Active Site Purines and Catalysis of RNA Self‐cleavage

The hairpin ribozyme mediates catalysis through nucleotide functional groups, without metal cation cofactors. The positions of G8 and A38 in the ribozyme active site resemble the orientation of two histidines in the active site of ribonuclease A, leading to the model that G8 and A38 mediate catalysis through a similar general acid base mechanism. However, adenosine and guanosine undergo ionization only at pH extremes, at least in solution, which seems to make them poor acid base catalysts.
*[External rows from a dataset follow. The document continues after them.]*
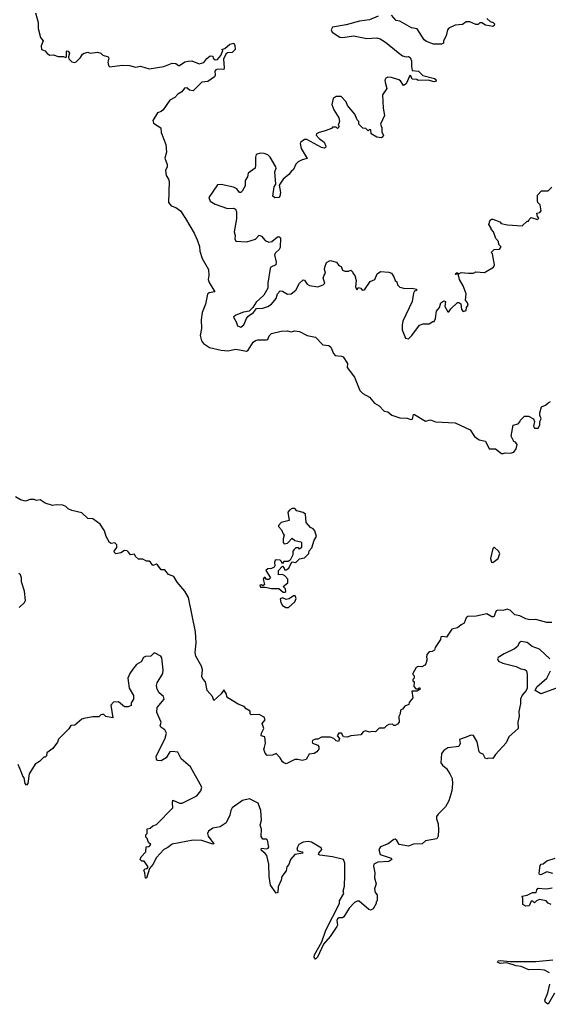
# Model space of a CAD drawing. Extents: x 2494118 to 2687960, y 757339 to 915227.
# Tile 276 of 364: x 2607408 to 2611727, y 892800 to 900848. Entities that reach past the tile are written whole.
import ezdxf

# ---------------------------------------------------------------- set-up
doc = ezdxf.new("R2010")
doc.units = 0

msp = doc.modelspace()

# ---------------------------------------------------------------- linework, layer by layer
at = {"layer": '0CON20XD'}
for points in [[(2607536.2, 900905), (2607560, 900825), (2607558.8, 900775), (2607577, 900703), (2607600, 900675), (2607583.8, 900635), (2607587.5, 900605), (2607615, 900593.3), (2607632.3, 900572.3), (2607655, 900557.5), (2607685, 900560), (2607723, 900547), (2607765, 900547.5), (2607785, 900540), (2607790, 900545), (2607790, 900585), (2607795, 900592.5), (2607805, 900591.2), (2607815.6, 900575), (2607806.7, 900545), (2607809.3, 900529.3), (2607834.2, 900504.2), (2607855, 900498.8), (2607870, 900505), (2607905, 900540), (2607920, 900565), (2607935, 900573.3), (2607965, 900582.5), (2607985, 900573.3), (2608045, 900583.3), (2608070, 900575), (2608088.3, 900558.3), (2608130, 900545), (2608136, 900535), (2608128, 900502), (2608135, 900472.5), (2608145, 900463.8), (2608245.8, 900475.8), (2608305, 900474), (2608355, 900460), (2608395, 900467.5), (2608465, 900446.2), (2608585, 900466.2), (2608655, 900493.3), (2608685, 900488.8), (2608705, 900472.5), (2608715, 900472.5), (2608756.9, 900503.1), (2608785, 900510), (2608815, 900510.8), (2608875, 900486.7), (2608913, 900497), (2608938.3, 900531.7), (2608965, 900552.5), (2608985, 900550), (2608990, 900535), (2609005, 900520), (2609025, 900523.3), (2609052.5, 900555), (2609067.5, 900595), (2609060, 900605), (2609085, 900612.5)], [(2610336.4, 900876.4), (2610265, 900848), (2610185, 900836.7), (2610075, 900806.7), (2609965, 900786.7), (2609953.3, 900765), (2609960, 900745), (2610024.2, 900704.2), (2610047.7, 900702.3), (2610135, 900716.7), (2610244.1, 900694.1), (2610325, 900698.8), (2610352.3, 900692.3), (2610397.5, 900665), (2610500.7, 900580.7), (2610535, 900553.3), (2610565, 900543.3), (2610585, 900547.5), (2610599.3, 900539.3), (2610610.7, 900510.7), (2610608.8, 900465), (2610615, 900432.5), (2610667, 900427), (2610703, 900393), (2610797, 900367), (2610808.3, 900358.3), (2610810, 900345), (2610795, 900340), (2610745, 900352.5), (2610665, 900350), (2610651.7, 900358.3), (2610615, 900362.5), (2610605, 900390), (2610595, 900392.5), (2610565, 900322.5), (2610545, 900310), (2610519.3, 900349.3), (2610505, 900357.5), (2610445, 900376.7), (2610415, 900377.5), (2610400.7, 900369.3), (2610392.5, 900355), (2610393, 900337), (2610407.5, 900285), (2610372.5, 900235), (2610377.5, 900125), (2610390, 900065), (2610357.5, 899995), (2610367.5, 899965), (2610368.3, 899928.3), (2610380, 899905), (2610375, 899890), (2610365, 899882.5), (2610325, 899887.5), (2610280, 899915), (2610278.3, 899948.3), (2610265, 899950), (2610255, 899940), (2610235, 899960), (2610211.7, 899961.7), (2610180, 899995), (2610180, 900015), (2610165, 900030), (2610147.5, 900075), (2610087, 900147), (2610076.1, 900176.1), (2610035, 900220), (2609995, 900220), (2609970, 900205), (2609957.5, 900155), (2609975, 900110), (2610017, 900047), (2610020, 900015), (2610010, 899985), (2610018.3, 899971.7), (2610005, 899960), (2609995, 899970), (2609965, 899970), (2609955, 899960), (2609905, 899940), (2609855, 899926.7), (2609832.5, 899915), (2609830, 899905), (2609855, 899876.7), (2609896.1, 899846.1), (2609910, 899815), (2609907, 899803), (2609895, 899797.5), (2609875, 899803.8), (2609755, 899868.8), (2609735, 899870), (2609705, 899846.7), (2609700, 899835), (2609708.8, 899795), (2609757.5, 899712.5), (2609715, 899703.8), (2609682.5, 899685), (2609665, 899667.5), (2609645.9, 899624.1), (2609625, 899607.5), (2609607.7, 899582.3), (2609560, 899545), (2609527.5, 899495), (2609538.8, 899435), (2609533.9, 899406.1), (2609525.8, 899394.2), (2609491.7, 899391.7), (2609477.5, 899405), (2609488.3, 899481.7), (2609500, 899505), (2609492.5, 899605), (2609502.5, 899635), (2609500, 899645), (2609456, 899725), (2609434.4, 899744.4), (2609405, 899755.6), (2609375, 899757.5), (2609340, 899745), (2609334.2, 899725), (2609336, 899655), (2609331.2, 899635), (2609275, 899593.3), (2609270.6, 899565), (2609250.9, 899535), (2609249.3, 899490.7), (2609225, 899446.7), (2609215, 899436.7), (2609205, 899436.7), (2609181.2, 899465), (2609155, 899479.2), (2609055, 899500), (2609025, 899498.8), (2608952.5, 899395), (2608964.2, 899365), (2609005, 899339.2), (2609105, 899303.8), (2609155, 899308.8), (2609170.7, 899300.7), (2609178.8, 899278.8), (2609179.1, 899219.1), (2609161.8, 899115), (2609168.5, 899085), (2609165.8, 899055.8), (2609175, 899036.7), (2609265, 899032), (2609335, 899053.8), (2609365, 899086.7), (2609385, 899080), (2609415, 899043.3), (2609445, 899030), (2609467.5, 899035), (2609515, 899073.3), (2609526.4, 899076.4), (2609540, 899065), (2609536.7, 898985), (2609529.2, 898970.8), (2609497.7, 898942.3), (2609490, 898925), (2609503.3, 898865), (2609500, 898845), (2609460, 898825), (2609453.3, 898815), (2609434.4, 898695), (2609435.8, 898655), (2609403.4, 898596.6), (2609340.9, 898539.1), (2609313.8, 898496.2), (2609283.6, 898466.4), (2609236.2, 898456.2), (2609175, 898433.3), (2609153.8, 898416.2), (2609177.7, 898377.7), (2609188.8, 898345), (2609215, 898336), (2609238.6, 898355), (2609260, 898405), (2609275.7, 898424.3), (2609318.8, 898455), (2609342.5, 898487.5), (2609395, 898489.5), (2609435, 898504.4), (2609465, 898523.3), (2609505, 898568.8), (2609513.5, 898606.5), (2609535, 898632), (2609555, 898630), (2609595, 898605.8), (2609625, 898608.1), (2609665, 898637.5), (2609695, 898693.8), (2609725, 898722.5), (2609735, 898720), (2609756.2, 898685), (2609775, 898674.2), (2609845, 898665.7), (2609888.3, 898681.7), (2609901.2, 898695), (2609886.7, 898735), (2609895, 898760), (2609907.5, 898775), (2609897.5, 898805), (2609900, 898825), (2609915.9, 898864.1), (2609945, 898878.8), (2609996.7, 898866.7), (2610015, 898840), (2610035, 898830), (2610045, 898800), (2610065, 898792.5), (2610095, 898792.5), (2610115, 898800), (2610130, 898785), (2610130, 898775), (2610147, 898757), (2610157.5, 898715), (2610152.5, 898665), (2610160, 898645), (2610165, 898640), (2610175, 898660), (2610195, 898652.5), (2610206.1, 898636.1), (2610225, 898638.8), (2610270.5, 898709.5), (2610310, 898725), (2610328.8, 898771.2), (2610355, 898788.8), (2610425, 898783.8), (2610446.1, 898776.1), (2610465, 898747.5), (2610475, 898717.5), (2610490, 898705), (2610495, 898680), (2610515, 898662.5), (2610555, 898650), (2610615, 898652.5), (2610650, 898645), (2610650, 898635), (2610635, 898630), (2610626.1, 898613.9), (2610614.3, 898545.7), (2610537.5, 898385), (2610532.5, 898355), (2610533.6, 898313.6), (2610560, 898245), (2610585, 898240), (2610613, 898267), (2610675, 898352.5), (2610705, 898362.5), (2610755, 898362.5), (2610785, 898380), (2610795, 898380), (2610806.7, 898405), (2610812.5, 898465), (2610837.5, 898495), (2610850, 898535), (2610875, 898550), (2610887.5, 898545), (2610882.5, 898505), (2610905, 898460), (2610915, 898460), (2610930, 898485), (2610985, 898537.5), (2610997, 898537), (2611012.5, 898525), (2611018.3, 898478.3), (2611031.7, 898461.7), (2611055, 898470), (2611060, 898495), (2611072.5, 898515), (2611066.7, 898535), (2611050, 898555), (2611056.4, 898606.4), (2611031.7, 898671.7), (2611002.5, 898725), (2610990, 898770), (2610970, 898765), (2610975, 898780), (2610985, 898780), (2610995, 898770), (2611015, 898782.5), (2611075, 898777.5), (2611115, 898777.5), (2611135, 898787.5), (2611205, 898782.5), (2611280, 898825), (2611287.5, 898845), (2611270, 898935), (2611260, 898945), (2611285, 898970), (2611328.3, 898971.7), (2611340, 898985), (2611340, 898995), (2611321.7, 899011.7), (2611320, 899035), (2611298.3, 899058.3), (2611280, 899115), (2611260, 899135), (2611260, 899145), (2611240, 899175), (2611251.7, 899208.3), (2611262.5, 899217.5), (2611275, 899217.5), (2611330, 899195), (2611343, 899183), (2611395, 899170), (2611515, 899162.5), (2611555, 899200), (2611565, 899200), (2611570, 899215), (2611588.3, 899231.7), (2611640, 899215), (2611650, 899225), (2611638.3, 899238.3), (2611633, 899267), (2611657, 899273), (2611670, 899285), (2611660, 899335), (2611643, 899353), (2611638.3, 899368.3), (2611640, 899415), (2611671.7, 899448.3), (2611725, 899450), (2611755, 899480)], [(2611225, 900857.5), (2611253, 900833), (2611276.1, 900826.1), (2611287.5, 900815), (2611285, 900800), (2611275, 900793.3), (2611213.6, 900803.6), (2611185, 900822.5), (2611168.3, 900821.7), (2611155, 900810), (2611135, 900810), (2611085, 900830), (2611055, 900830), (2611025, 900810), (2610965, 900802.5), (2610915, 900777.5), (2610902.5, 900765), (2610892.5, 900715), (2610870, 900675), (2610870, 900655), (2610855, 900647.5), (2610788.3, 900648.3), (2610731.2, 900671.2), (2610713.6, 900683.6), (2610655, 900772.5), (2610610.5, 900780.5), (2610515, 900836.7), (2610485, 900841.2), (2610445, 900884)], [(2609085, 900612.5), (2609125, 900647.5), (2609157.5, 900657.5), (2609166.4, 900636.4), (2609167.5, 900605), (2609145, 900580), (2609105, 900577.5), (2609092.5, 900565), (2609073.8, 900526.2), (2609080, 900455), (2609075, 900440), (2609025, 900443.8), (2609011.2, 900438.8), (2609002.9, 900427.1), (2609006, 900394), (2608999.5, 900380.5), (2608945.9, 900344.1), (2608895, 900336.7), (2608825, 900266.7), (2608795, 900272.5), (2608775, 900290), (2608755, 900287.5), (2608731.7, 900258.3), (2608700.9, 900239.1), (2608675, 900213.3), (2608635, 900190), (2608579.3, 900110.7), (2608565, 900097.5), (2608534.1, 900085.9), (2608495.8, 900025), (2608501.1, 900001.1), (2608562.5, 899965), (2608563.3, 899925), (2608603, 899827), (2608608.8, 899765), (2608593.8, 899715), (2608614, 899665), (2608613.8, 899645), (2608600, 899615), (2608603.8, 899575), (2608623.9, 899543.9), (2608628.8, 899525), (2608624.6, 899354.6), (2608645, 899326.9), (2608685, 899311.9), (2608722.5, 899285), (2608762.7, 899222.7), (2608835, 899103.3), (2608859.5, 899049.5), (2608876.7, 898995), (2608880, 898955), (2608900, 898895), (2608951.2, 898805), (2608953, 898757), (2608946.7, 898725), (2608955, 898700), (2609002.5, 898625), (2608955, 898616.2), (2608943.8, 898605), (2608925.8, 898524.2), (2608900, 898455), (2608892, 898395), (2608892.5, 898325), (2608883.2, 898266.8), (2608893.3, 898223.3), (2608910, 898200), (2608958.3, 898168.3), (2609055, 898146.4), (2609107.6, 898142.4), (2609175, 898154.2), (2609260.8, 898139.2), (2609274.3, 898145.7), (2609315, 898211.2), (2609335, 898227.1), (2609355, 898232), (2609425, 898230), (2609436.2, 898235), (2609446.7, 898265), (2609466.1, 898283.9), (2609545, 898302), (2609595, 898306), (2609625, 898297.5), (2609656.1, 898303.9), (2609695, 898300), (2609755.9, 898265.9), (2609825, 898253.3), (2609885, 898190), (2609935, 898183.8), (2609951.2, 898171.2), (2609970.9, 898120.9), (2609984.4, 898104.4), (2610038.6, 898098.6), (2610051.7, 898091.7), (2610087, 898037), (2610083.3, 898005), (2610142.5, 897925), (2610187, 897817), (2610211.7, 897791.7), (2610265, 897762.5), (2610307.5, 897715), (2610345, 897692.5), (2610385, 897647.5), (2610415, 897642.5), (2610450, 897615), (2610515, 897592.5), (2610575, 897590), (2610605, 897580), (2610616.7, 897583.3), (2610625, 897620), (2610635, 897620), (2610725, 897567.5), (2610765, 897577.5), (2610805, 897560), (2610965, 897552.5), (2611090, 897495), (2611125, 897440), (2611163, 897413), (2611215, 897402.5), (2611245, 897340), (2611295, 897340), (2611345, 897302.5), (2611358.3, 897301.7), (2611375, 897307.5), (2611416.1, 897303.9), (2611445, 897313.3), (2611465, 897340), (2611472.5, 897375), (2611460, 897395), (2611445, 897400), (2611422.5, 897445), (2611440, 897535), (2611480, 897545), (2611495, 897560), (2611500, 897575), (2611533.9, 897606.1), (2611565, 897607.5), (2611607.5, 897585), (2611613.3, 897565), (2611606.7, 897525), (2611615, 897510), (2611645, 897510), (2611658.8, 897535), (2611657.5, 897565), (2611670, 897585), (2611657.5, 897615), (2611656.7, 897635), (2611672.5, 897685), (2611705, 897697.5), (2611725, 897717.5), (2611745, 897727.5)], [(2609407, 894903), (2609417.5, 894935), (2609410, 894985), (2609380, 894995), (2609382.5, 895015), (2609403.3, 895055), (2609390, 895095), (2609412.5, 895125), (2609406.4, 895146.4), (2609365, 895167.5), (2609300, 895165), (2609290, 895175), (2609290, 895195), (2609257.5, 895215), (2609242.5, 895235), (2609193.9, 895253.9), (2609110, 895305), (2609100, 895315), (2609097.5, 895335), (2609075, 895370), (2609053, 895337), (2608995, 895282.5), (2608983.3, 895315), (2608940, 895365), (2608926.7, 895435), (2608906.4, 895456.4), (2608897, 895477), (2608901.2, 895535), (2608893.8, 895565), (2608848, 895645), (2608842, 895675), (2608848.8, 895755), (2608843.8, 895845), (2608786.2, 896125), (2608758.3, 896178.3), (2608695, 896250), (2608666.4, 896296.4), (2608625, 896312.5), (2608595, 896350), (2608565, 896352.5), (2608535, 896392.5), (2608525, 896396.7), (2608495, 896387.5), (2608477.5, 896415), (2608465, 896422.5), (2608445, 896422.5), (2608415, 896437.5), (2608378.3, 896438.3), (2608355, 896460), (2608345, 896480), (2608313, 896473), (2608297, 896497), (2608287, 896507), (2608265, 896510), (2608235, 896490), (2608206.4, 896483.6), (2608193.3, 896483.3), (2608181.7, 896491.7), (2608180, 896505), (2608202.5, 896535), (2608202.5, 896555), (2608185, 896572.5), (2608155, 896567.5), (2608142.5, 896575), (2608113.3, 896625), (2608100.7, 896670.7), (2608066.7, 896725), (2608005, 896767.5), (2607965, 896770), (2607915, 896816.7), (2607835, 896837.5), (2607805, 896850), (2607785, 896870), (2607759.3, 896879.3), (2607705, 896882.5), (2607675, 896877.5), (2607615, 896896.7), (2607575, 896922.5), (2607545, 896917.5), (2607525, 896926.7), (2607495, 896926.7), (2607455, 896913.3), (2607414.1, 896924.1), (2607375, 896947.5)], [(2609575, 896167.5), (2609582.5, 896175), (2609580, 896195), (2609560, 896215), (2609600, 896245), (2609600, 896275), (2609575, 896302.5), (2609555, 896312.5), (2609521.7, 896311.7), (2609523, 896347), (2609555, 896380), (2609570, 896365), (2609571.7, 896351.7), (2609585, 896350), (2609607.5, 896365), (2609632.5, 896417.5), (2609665, 896410), (2609695, 896442.5), (2609735, 896450), (2609770, 896485), (2609772.5, 896507.5), (2609795, 896530), (2609813.3, 896595), (2609832.5, 896625), (2609820.7, 896670.7), (2609805, 896687.5), (2609785, 896697.5), (2609748.3, 896738.3), (2609742.5, 896805), (2609725, 896820), (2609673, 896833), (2609655, 896852.5), (2609635, 896852.5), (2609615, 896842.5), (2609598.3, 896821.7), (2609610, 896755), (2609545, 896737.5), (2609522.5, 896715), (2609522.5, 896705), (2609548.3, 896678.3), (2609560, 896645), (2609570, 896635), (2609560, 896605), (2609560, 896575), (2609570, 896565), (2609595, 896570), (2609635, 896610), (2609655, 896590), (2609705, 896580), (2609710, 896575), (2609710, 896535), (2609695, 896520), (2609685, 896530), (2609665, 896530), (2609651.7, 896518.3), (2609640, 896505), (2609640, 896475), (2609631.7, 896458.3), (2609618.3, 896431.7), (2609601.7, 896418.3), (2609565, 896420), (2609555, 896400), (2609548.3, 896418.3), (2609535, 896430), (2609505, 896432.5), (2609495, 896427.5), (2609490, 896415), (2609492.5, 896385), (2609486.4, 896373.6), (2609465, 896362.5), (2609435, 896360), (2609420, 896345), (2609457.5, 896285), (2609445, 896273.3), (2609425, 896272.5), (2609415, 896290), (2609405, 896290), (2609397.5, 896275), (2609407.5, 896232.5), (2609395, 896220), (2609385, 896227.5), (2609370, 896225), (2609375, 896210), (2609415, 896210), (2609465, 896197.5), (2609525, 896200), (2609561.7, 896168.3), (2609575, 896167.5)], [(2611275, 896412.5), (2611317.5, 896445), (2611330, 896485), (2611320, 896505), (2611285, 896536), (2611273.7, 896526.3), (2611256.2, 896445), (2611262.5, 896415), (2611275, 896412.5)], [(2607405, 896043.3), (2607447.5, 896085), (2607455, 896100), (2607448.3, 896178.3), (2607423.9, 896253.9), (2607423.3, 896285), (2607415, 896310), (2607401.7, 896321.7)], [(2609605, 896042.5), (2609655, 896090), (2609667, 896117), (2609658.3, 896138.3), (2609645, 896140), (2609610, 896115), (2609585, 896107.5), (2609555, 896122.5), (2609537.5, 896115), (2609542.5, 896085), (2609555, 896060), (2609583.6, 896043.6), (2609605, 896042.5)], [(2611755, 895921.2), (2611715, 895922), (2611625.8, 895945.8), (2611577.3, 895942.7), (2611545, 895950), (2611495, 895976), (2611454.1, 895984.1), (2611418.3, 896018.3), (2611395, 896028.8), (2611355, 896020), (2611315, 896022.5), (2611302.5, 896015), (2611281.7, 895968.3), (2611265, 895967.5), (2611225, 895990.8), (2611138.3, 895971.7), (2611069.3, 895970.7), (2611055, 895960), (2611040, 895915), (2611015, 895902.5), (2610985, 895876.7), (2610940, 895865), (2610895, 895800), (2610865, 895807.5), (2610850, 895805), (2610847, 895783), (2610825, 895750), (2610803, 895717), (2610797.5, 895695), (2610777, 895683), (2610755, 895680), (2610735, 895660), (2610732.5, 895635), (2610737.5, 895625), (2610727, 895583), (2610718.3, 895571.7), (2610695, 895557.5), (2610665, 895560), (2610647, 895553), (2610620, 895505), (2610620, 895495), (2610630, 895485), (2610630, 895465), (2610620, 895455), (2610620, 895445), (2610630, 895435), (2610628.3, 895398.3), (2610645, 895380), (2610665, 895380), (2610675, 895390), (2610680, 895375), (2610655, 895360), (2610611.7, 895358.3), (2610620, 895305), (2610591.7, 895268.3), (2610588.3, 895251.7), (2610555, 895237.5), (2610536.4, 895213.6), (2610520, 895205), (2610517.5, 895175), (2610507, 895153), (2610507.5, 895105), (2610495, 895090), (2610475, 895080), (2610465, 895080), (2610455, 895090), (2610425, 895087.5), (2610405, 895077.5), (2610385, 895057.5), (2610345, 895057.5), (2610315, 895027.5), (2610285, 895030), (2610265, 895023.3), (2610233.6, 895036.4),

We used 8‐azapurine fluorescence to learn whether purine ionization equilibria change in the active site relative to pK a values in solution. 8‐azapurines display high fluorescence emission intensity when N1 is deprotonated and low intensity when N1 is protonated. A ribozyme with 8azaG8 exhibits full catalytic activity and cleaves with an apparent pK a value in the neutral range, similar to an unmodified ribozyme. Microscopic pK a values for deprotonation of 8azaG in the active site were about 3 units higher than apparent pK a values determined from the pH dependence of self‐cleavage kinetics. Thus, the increase in self‐cleavage activity with increasing pH does not reflect G8 deprotonation and G8 is mostly protonated at neutral pH. A simple interpretation of these results is that G8 functions in the protonated form, perhaps by donating hydrogen bonds that stabilize the transition state.